Another method, if you'd like:

Consider the continued fraction of $\coth x$ which is

$$\coth x=\dfrac{1}{x}\left\{1+\dfrac{x^2}{3+\dfrac{x^2}{5+\dfrac{x^2}{7+\dfrac{x^2}{\ddots}}}}\right\}$$ Considering the third iteration, that is:

$$\dfrac{1}{x}+\dfrac{x}{3+\dfrac{x^2}{5+\dfrac{x^2}{7}}}=\dfrac{1}{x}+\dfrac{5x+\dfrac{x^3}{7}}{15+\dfrac{10x^2}{7}}=\dfrac{105+45x^2+x^4}{5x(21+2x^2)}$$ we may write

$$\int_0^{\pi}\dfrac{105+45x^2+x^4}{5x^2(21+2x^2)}-\dfrac{5(21+2x^2)}{5x^2(21+2x^2)}dx= \int_0^{\pi}\dfrac{35+x^2}{105+10x^2}dx\approx 0.89\color{red}{6287}$$ which was only the third iteration.

Solution 4:

Not an answer, but I thought I'd give some equivalent statements.

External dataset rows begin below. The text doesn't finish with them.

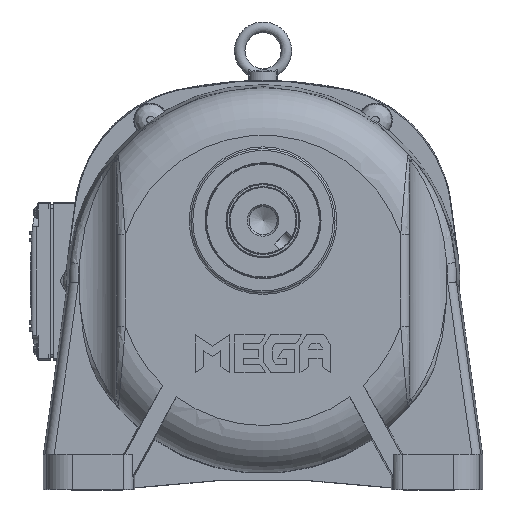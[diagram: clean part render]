
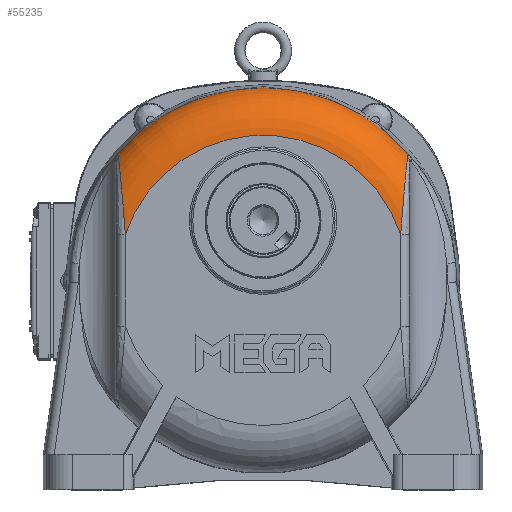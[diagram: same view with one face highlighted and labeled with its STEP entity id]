
A CAD part, top view. The second image highlights one B-rep face of the part: STEP entity #55235.
In plain terms, the highlighted toroidal (fillet/blend) face has major radius 82.608 mm and minor radius 27 mm.
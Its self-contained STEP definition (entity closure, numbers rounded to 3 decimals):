
#7001=TOROIDAL_SURFACE('',#59615,82.608,27.);
#9435=FACE_OUTER_BOUND('',#12828,.T.);
#12828=EDGE_LOOP('',(#38587,#38588,#38589,#38590,#38591,#38592));
#16412=CIRCLE('',#59616,109.599);
#16413=CIRCLE('',#59617,82.608);
#18897=B_SPLINE_CURVE_WITH_KNOTS('',3,(#87545,#87546,#87547,#87548,#87549,
#87550,#87551,#87552,#87553),.UNSPECIFIED.,.F.,.F.,(4,1,1,1,1,1,4),(-4.523,
-3.23,-2.584,-1.615,-1.292,
-0.646,0.),.UNSPECIFIED.);
#18898=B_SPLINE_CURVE_WITH_KNOTS('',3,(#87576,#87577,#87578,#87579,#87580),
 .UNSPECIFIED.,.F.,.F.,(4,1,4),(-0.729,-0.416,0.),
 .UNSPECIFIED.);
#18904=B_SPLINE_CURVE_WITH_KNOTS('',3,(#87713,#87714,#87715,#87716,#87717,
#87718,#87719,#87720),.UNSPECIFIED.,.F.,.F.,(4,1,1,1,1,4),(-14.257,
-13.611,-12.965,-11.673,-11.027,
-9.735),.UNSPECIFIED.);
#18905=B_SPLINE_CURVE_WITH_KNOTS('',3,(#87722,#87723,#87724,#87725,#87726),
 .UNSPECIFIED.,.F.,.F.,(4,1,4),(-0.728,-0.312,0.),
 .UNSPECIFIED.);
#22393=VERTEX_POINT('',#87487);
#22394=VERTEX_POINT('',#87544);
#22395=VERTEX_POINT('',#87575);
#22402=VERTEX_POINT('',#87711);
#22403=VERTEX_POINT('',#87712);
#22404=VERTEX_POINT('',#87721);
#28299=EDGE_CURVE('',#22393,#22394,#18897,.T.);
#28301=EDGE_CURVE('',#22394,#22395,#18898,.T.);
#28314=EDGE_CURVE('',#22402,#22403,#18904,.T.);
#28315=EDGE_CURVE('',#22404,#22402,#18905,.T.);
#28316=EDGE_CURVE('',#22395,#22404,#16412,.F.);
#28317=EDGE_CURVE('',#22393,#22403,#16413,.T.);
#38587=ORIENTED_EDGE('',*,*,#28314,.F.);
#38588=ORIENTED_EDGE('',*,*,#28315,.F.);
#38589=ORIENTED_EDGE('',*,*,#28316,.F.);
#38590=ORIENTED_EDGE('',*,*,#28301,.F.);
#38591=ORIENTED_EDGE('',*,*,#28299,.F.);
#38592=ORIENTED_EDGE('',*,*,#28317,.T.);
#55235=ADVANCED_FACE('',(#9435),#7001,.T.);
#59615=AXIS2_PLACEMENT_3D('',#87710,#68680,#68681);
#59616=AXIS2_PLACEMENT_3D('',#87727,#68682,#68683);
#59617=AXIS2_PLACEMENT_3D('',#87728,#68684,#68685);
#68680=DIRECTION('center_axis',(0.,0.,-1.));
#68681=DIRECTION('ref_axis',(-1.,0.,0.));
#68682=DIRECTION('center_axis',(0.,0.,1.));
#68683=DIRECTION('ref_axis',(-1.,0.,0.));
#68684=DIRECTION('center_axis',(0.,0.,-1.));
#68685=DIRECTION('ref_axis',(-1.,0.,0.));
#87487=CARTESIAN_POINT('',(-87.124,11.96,58.75));
#87544=CARTESIAN_POINT('',(-90.953,55.881,41.011));
#87545=CARTESIAN_POINT('Ctrl Pts',(-87.124,11.96,58.75));
#87546=CARTESIAN_POINT('Ctrl Pts',(-87.418,16.371,58.75));
#87547=CARTESIAN_POINT('Ctrl Pts',(-87.937,23.068,58.533));
#87548=CARTESIAN_POINT('Ctrl Pts',(-88.818,33.346,56.852));
#87549=CARTESIAN_POINT('Ctrl Pts',(-89.431,40.144,54.699));
#87550=CARTESIAN_POINT('Ctrl Pts',(-90.028,46.597,51.259));
#87551=CARTESIAN_POINT('Ctrl Pts',(-90.502,51.585,47.509));
#87552=CARTESIAN_POINT('Ctrl Pts',(-90.823,54.725,43.334));
#87553=CARTESIAN_POINT('Ctrl Pts',(-90.953,55.881,41.011));
#87575=CARTESIAN_POINT('',(-92.265,56.853,32.457));
#87576=CARTESIAN_POINT('Ctrl Pts',(-90.953,55.881,41.011));
#87577=CARTESIAN_POINT('Ctrl Pts',(-91.016,56.439,39.889));
#87578=CARTESIAN_POINT('Ctrl Pts',(-91.269,57.425,37.053));
#87579=CARTESIAN_POINT('Ctrl Pts',(-91.862,57.264,34.021));
#87580=CARTESIAN_POINT('Ctrl Pts',(-92.265,56.853,32.457));
#87710=CARTESIAN_POINT('Origin',(-8.736,-14.104,31.75));
#87711=CARTESIAN_POINT('',(73.481,55.881,41.011));
#87712=CARTESIAN_POINT('',(69.652,11.96,58.75));
#87713=CARTESIAN_POINT('Ctrl Pts',(73.481,55.881,41.011));
#87714=CARTESIAN_POINT('Ctrl Pts',(73.351,54.726,43.334));
#87715=CARTESIAN_POINT('Ctrl Pts',(73.031,51.596,47.497));
#87716=CARTESIAN_POINT('Ctrl Pts',(72.274,43.624,53.495));
#87717=CARTESIAN_POINT('Ctrl Pts',(71.441,34.455,56.674));
#87718=CARTESIAN_POINT('Ctrl Pts',(70.47,23.135,58.524));
#87719=CARTESIAN_POINT('Ctrl Pts',(69.946,16.375,58.75));
#87720=CARTESIAN_POINT('Ctrl Pts',(69.652,11.96,58.75));
#87721=CARTESIAN_POINT('',(74.792,56.853,32.457));
#87722=CARTESIAN_POINT('Ctrl Pts',(74.792,56.853,32.457));
#87723=CARTESIAN_POINT('Ctrl Pts',(74.39,57.264,34.021));
#87724=CARTESIAN_POINT('Ctrl Pts',(73.803,57.43,37.013));
#87725=CARTESIAN_POINT('Ctrl Pts',(73.544,56.439,39.889));
#87726=CARTESIAN_POINT('Ctrl Pts',(73.481,55.881,41.011));
#87727=CARTESIAN_POINT('Origin',(-8.736,-14.104,32.457));
#87728=CARTESIAN_POINT('Origin',(-8.736,-14.104,58.75));

As James and the original poster mentioned, we have: $$ \sum _{r=1}^{\infty } \frac{1 }{r}\arctan\left(\frac{1}{r}\right)= \sum _{n=0}^{\infty } \frac{(-1)^{n}}{2n+1}\zeta(2n+2) = \frac{\pi}{2}\int_{0}^{\pi} \frac{x\coth x-1}{x^2} \, dx \tag{1} $$

Changing the integrand yields the equivalent: $$ \frac{1}{2}\int_{0}^{1} \frac{\pi\coth (\pi x)}{x} - \frac{1}{x^2} \, dx = \frac{1}{2}\int_{0}^{\infty} \pi\coth (\frac{\pi}{e^x}) - e^x \, dx = (1) $$

Recalling that: $$ \int_{0}^{\infty} e^{-x} \frac{\sin t x}{\sinh x} \, dx = \frac{\pi}{2} \ \coth(\frac{\pi}{2} t) - t $$

and integrating over $t$ with some rearranging gives us $$ \int_{0}^{\infty} \frac{Si(x)}{e^x-1} \, dx = (1) $$ This integral (where Si(x) is the Sine Integral) also equals (1) and part by part can give the series above.

If one expands the $\coth(x)$ in the original integral it can be rearranged to: $$ \frac{\pi}{4} + \frac{1}{4}\int_{0}^{\pi} \psi^{(0)}(-ie^{ix}) \ - \psi^{(0)}(-ie^{-ix}) \ - (-i + 2\cos(x)) \tan(x) \ dx = (1) $$ However, this form is basically useless as the Polygamma function doesn't simplify anything.

I hope others will have better luck than I did.